Letter From Tbilisi: Georgia's Confidence Game

A Change of Fortune for Saakashvili's Regime
Summary -- 

One year after its war with Russia, Georgia is dispirited and unsure of its future. Has the United States staked too much on this small, fractured country in the Caucasus?

LIONEL BEEHNER is a term member at the Council on Foreign Relations, where he was formerly a senior writer for CFR.org. He is also a member of USA Today’s board of contributors.

The tallest building in downtown Tbilisi is the former Intourist hotel, built during the Brezhnev era to host foreign visitors and later used to house Georgian refugees from the war in Abkhazia during the 1990s. Today the 16-story building is in the middle of a multimillion-dollar renovation and will reopen later this summer as a Radisson hotel. Its grandeur, however, is something of a mirage. The hotel dominates a skyline largely filled with ambitious construction projects in seemingly permanent states of half-completion -- glitzy, unfinished monuments to what might have been.

Ever since the Rose Revolution brought Georgian President Mikhail Saakashvili to power in 2003, the country has presented itself as a democratic, free-market oasis stuck on the edge of the post-Soviet world. For much of the West, particularly the United States, Georgia was an ally and a friend to be nurtured and protected. This dynamic reached a dramatic crescendo last August when Georgia and Russia fought a brief war over the breakaway province of South Ossetia -- a moment when John McCain, then a U.S. presidential candidate, boldly declared, "We are all Georgians."

But in the year since, the fallout from the war -- which has left Georgia with tens of thousands of internally displaced refugees -- has turned the country's machismo into a sense of defeatism and left it increasingly estranged from its Western friends, most especially the United States. Georgians -- who greet one another with a variation of the phrase for "victory" -- are growing tired of conflict and distrustful of their leadership. Support has grown for the country's opposition, a disparate collection of Western-educated reformers and former allies of Saakashvili who are disaffected by his heavy-handed rule.

After a moment of dominating international headlines last summer, Georgia is now figuratively -- and literally -- a rump of its former self. Russian forces occupy two breakaway provinces, Abkhazia and South Ossetia. Georgia's economy has slowed considerably after its double-digit growth in 2007, and the country's Ministry of Finance predicts that it will contract another 1.5 percent this year. Foreign investment has fallen by almost 75 percent since early 2008.

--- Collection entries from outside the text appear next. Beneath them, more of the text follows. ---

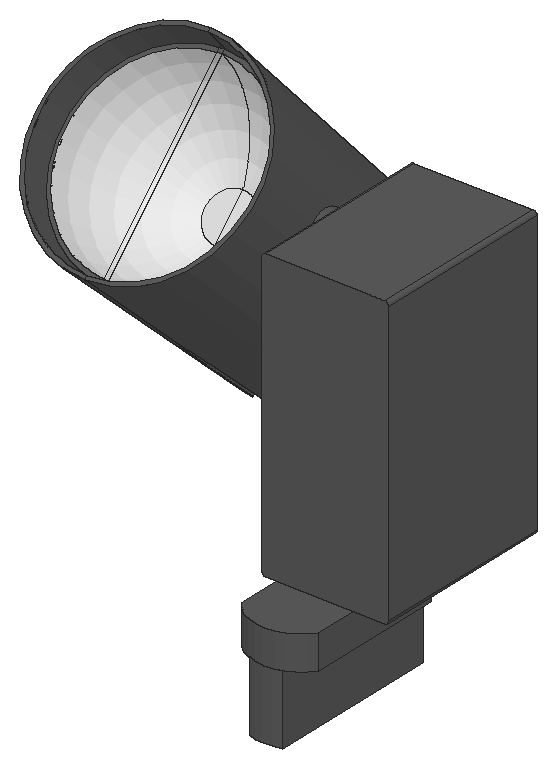
Revit family "0004850 Feilo Sylvania Lighting Fixture START TRACK SPOT S 24W 4K RA80 NB BLACK", category Lighting Fixtures, host Face, Revit 2017 (continued)
Definition of nested family "Start Track Spot Head"
  Types (96, lengths in mm): name | Wattage | built-in parameter 1150134 | Photometric Web File | Model | built-in parameter 1150105 | Lumens | built-in parameter 1150107 | built-in parameter 1150106 | HeadThickness_FEILO | HeadRibOffset_FEILO | HeadRibDepth_FEILO | HeadRibCutWidth_FEILO | HeadRibCutOffset_FEILO | HeadReflectorRadius_FEILO | HeadReflectorOffset_FEILO | HeadLEDRadius_FEILO | HeadHeight_FEILO | HeadDiffusorOffset_FEILO | HeadDiaOut_FEILO | HeadDiaIn_FEILO | HeadAxisFromTop_FEILO | Emit from Circle Diameter | built-in parameter 1150104 | Description | Apparent Load
    0004864 START TRACK SPOT S 24W 3K RA90 WB WHITE | 24 W | (empty or 0) | "0004864.ies" | "START TRACK SPOT S 24W 3K RA90 WB WHITE" | 152.79 (stored number, unit not read) | 1920 lm | 3000 (stored number, unit not read) | 1.5279 (stored number, unit not read) | 1.5 | 4.179 | 55.714 | 7.167 | 50.87 | 50.588 | 55.714 | 9.556 | 117 | 9.435 | 86 | 77.477 | 69.354 | 77.477 | 7.4322 (stored number, unit not read) | "Integrated LED spotlight, Textured White - RAL9016, compact and minimalist design, ideal for retail applications, die-cast aluminium body, passive cooling heatsink. Beam angle: 64°, color temperature: 3000K , total system power: 24W, total fixture output: 1928 lm, LOR: 100%, colour rendering: Ra: 90 typical, LED Chromaticity: 3 step MacAdam ellipse, lifetime: >50000 hours at L70B50, energy class: A++, A+, A, IR/UV free light source without heat radiation, operating voltage: 220-240V / 50-60Hz, drive current: 600mA, electronic driver, non-dimmable, power factor: 0.95, electrical protection: Class II, Global Track 3 Phase adapter suitable for Global trac 3-circuit tracks, ingress protection rating: IP20, suitable for internal environment only, horizontal rotation: 355°, vertical tilt: 90°, dimensions: Ø86x140x200, weight: 0.966kg." | 24 VA
    0004863 START TRACK SPOT S 24W 3K RA90 MB WHITE | 24 W | (empty or 0) | "0004863.ies" | "START TRACK SPOT S 24W 3K RA90 MB WHITE" | 154.7 (stored number, unit not read) | 1944 lm | 3000 (stored number, unit not read) | 1.547 (stored number, unit not read) | 1.5 | 4.179 | 55.714 | 7.167 | 50.87 | 50.588 | 55.714 | 9.556 | 117 | 9.435 | 86 | 77.477 | 69.354 | 77.477 | 7.5251 (stored number, unit not read) | "Integrated LED spotlight, Textured White - RAL9016, compact and minimalist design, ideal for retail applications, die-cast aluminium body, passive cooling heatsink. Beam angle: 36°, color temperature: 3000K , total system power: 24W, total fixture output: 1944 lm, LOR: 100%, colour rendering: Ra: 90 typical, LED Chromaticity: 3 step MacAdam ellipse, lifetime: >50000 hours at L70B50, energy class: A++, A+, A, IR/UV free light source without heat radiation, operating voltage: 220-240V / 50-60Hz, drive current: 600mA, electronic driver, non-dimmable, power factor: 0.95, electrical protection: Class II, Global Track 3 Phase adapter suitable for Global trac 3-circuit tracks, ingress protection rating: IP20, suitable for internal environment only, horizontal rotation: 355°, vertical tilt: 90°, dimensions: Ø86x140x200, weight: 0.966kg." | 24 VA
    0004862 START TRACK SPOT S 24W 3K RA90 NB WHITE | 24 W | (empty or 0) | "0004862.ies" | "START TRACK SPOT S 24W 3K RA90 NB WHITE" | 158.52 (stored number, unit not read) | 1992 lm | 3000 (stored number, unit not read) | 1.5852 (stored number, unit not read) | 1.5 | 4.179 | 55.714 | 7.167 | 50.87 | 50.588 | 55.714 | 9.556 | 117 | 9.435 | 86 | 77.477 | 69.354 | 77.477 | 7.711 (stored number, unit not read) | "Integrated LED spotlight, Textured White - RAL9016, compact and minimalist design, ideal for retail applications, die-cast aluminium body, passive cooling heatsink. Beam angle: 12°, color temperature: 3000K , total system power: 24W, total fixture output: 1987 lm, LOR: 100%, colour rendering: Ra: 90 typical, LED Chromaticity: 3 step MacAdam ellipse, lifetime: >50000 hours at L70B50, energy class: A++, A+, A, IR/UV free light source without heat radiation, operating voltage: 220-240V / 50-60Hz, drive current: 600mA, electronic driver, non-dimmable, power factor: 0.95, electrical protection: Class II, Global Track 3 Phase adapter suitable for Global trac 3-circuit tracks, ingress protection rating: IP20, suitable for internal environment only, horizontal rotation: 355°, vertical tilt: 90°, dimensions: Ø86x140x200, weight: 0.966kg." | 24 VA
    0004861 START TRACK SPOT S 14W 3K RA90 WB WHITE | 14 W | (empty or 0) | "0004861.ies" | "START TRACK SPOT S 14W 3K RA90 WB WHITE" | 100.27 (stored number, unit not read) | 1260 lm | 3000 (stored number, unit not read) | 1.0027 (stored number, unit not read) | 1.5 | 4.179 | 55.714 | 7.167 | 50.87 | 50.588 | 55.714 | 9.556 | 117 | 9.435 | 86 | 77.477 | 69.354 | 77.477 | 8.3613 (stored number, unit not read) | "Integrated LED spotlight, Textured White - RAL9016, compact and minimalist design, ideal for retail applications, die-cast aluminium body, passive cooling heatsink. Beam angle: 64°, color temperature: 3000K , total system power: 14W, total fixture output: 1262 lm, LOR: 100%, colour rendering: Ra: 90 typical, LED Chromaticity: 3 step MacAdam ellipse, lifetime: >50000 hours at L70B50, energy class: A++, A+, A, IR/UV free light source without heat radiation, operating voltage: 220-240V / 50-60Hz, drive current: 350mA, electronic driver, non-dimmable, power factor: 0.92, electrical protection: Class II, Global Track 3 Phase adapter suitable for Global trac 3-circuit tracks, ingress protection rating: IP20, suitable for internal environment only, horizontal rotation: 355°, vertical tilt: 90°, dimensions: Ø86x140x200, weight: 0.940kg." | 14 VA
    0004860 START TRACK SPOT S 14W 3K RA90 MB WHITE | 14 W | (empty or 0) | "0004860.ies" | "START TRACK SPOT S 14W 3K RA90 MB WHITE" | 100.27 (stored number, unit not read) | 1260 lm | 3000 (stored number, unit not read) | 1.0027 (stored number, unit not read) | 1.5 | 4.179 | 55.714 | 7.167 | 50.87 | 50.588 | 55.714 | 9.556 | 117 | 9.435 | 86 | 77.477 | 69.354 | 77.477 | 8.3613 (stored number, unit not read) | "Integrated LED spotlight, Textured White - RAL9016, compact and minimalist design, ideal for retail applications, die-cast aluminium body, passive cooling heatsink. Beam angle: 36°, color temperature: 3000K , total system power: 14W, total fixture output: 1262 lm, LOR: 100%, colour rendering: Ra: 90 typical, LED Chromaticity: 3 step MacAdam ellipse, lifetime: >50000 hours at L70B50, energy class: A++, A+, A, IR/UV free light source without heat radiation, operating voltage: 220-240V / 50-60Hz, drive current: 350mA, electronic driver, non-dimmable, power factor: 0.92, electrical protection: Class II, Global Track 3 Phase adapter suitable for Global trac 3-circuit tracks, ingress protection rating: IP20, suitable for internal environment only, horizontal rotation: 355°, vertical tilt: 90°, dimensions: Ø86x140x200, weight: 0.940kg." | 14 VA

Meanwhile, Russian tanks are stationed less than a hundred miles from Georgia's capital. Ahead of President Obama's visit to Moscow this April, a rumor circulated around Tbilisi that Russia would send its tanks across the South Ossetian border and into Georgia proper. Although the rumor turned out to be false, many Georgians remain convinced that Russia might re-invade any day now. This may not just be paranoia: Pavel Felgenhauer, a Moscow-based analyst of the Russian military, who, in June 2008, predicted last summer's war, has said that there is an 80 percent chance Russia will invade again this summer. The Kremlin remains determined to remove Saakashvili from power, Felgenhauer has argued, and the area's difficult terrain and severe climate make a military offensive after September less likely.

Ultimately, a battered economy and fluctuating oil prices may, at least for the time being, put a break on Russia's military adventurism. But this still leaves Georgia feeling increasingly isolated, especially because its main benefactor abroad, the United States, has promised "to reset relations" with Russia, a country whose prime minister, Vladimir Putin, has called for hanging Saakashvili "by his balls." Then, in a speech last month before the Georgian parliament, U.S. Vice President Joe Biden delivered a stern message, criticizing Georgia's current regime for failing to follow through on its democratic promises of the 2003 Rose Revolution, and stating that its lost provinces could not be taken back by military means. Ahead of Biden's visit, Georgia was hoping for military hardware, U.S. monitors along the border with Russia, and promises of protection; instead it received a dose of tough love.

A cooler relationship between Georgia and the United States may, in fact, be closer to the historical norm than the intensity and closeness seen during George W. Bush's presidency. The two countries' ties are more tactical than strategic, defined by pipeline politics and a shared suspicion of Moscow. As those issues shift, so too may the U.S.-Georgian relationship. "The idea that there is this undying bond between the United States and Georgia is overstated," said Lawrence Scott Sheets of the International Crisis Group.

Still, the lack of an emotional connection with the Obama administration has left Georgia feeling somewhat out in the cold. Unlike most world capitals, Tbilisi was silent the night of Obama's victory last November. Prior to the U.S. election, a minister in the Georgian government drove around town with a "McCain" license plate. Georgia's leaders saw McCain as more supportive of their quest to join NATO, and they appreciated his tough talk toward Russia. (He was fond of saying what three letters he saw in Putin's eyes: K-G-B.)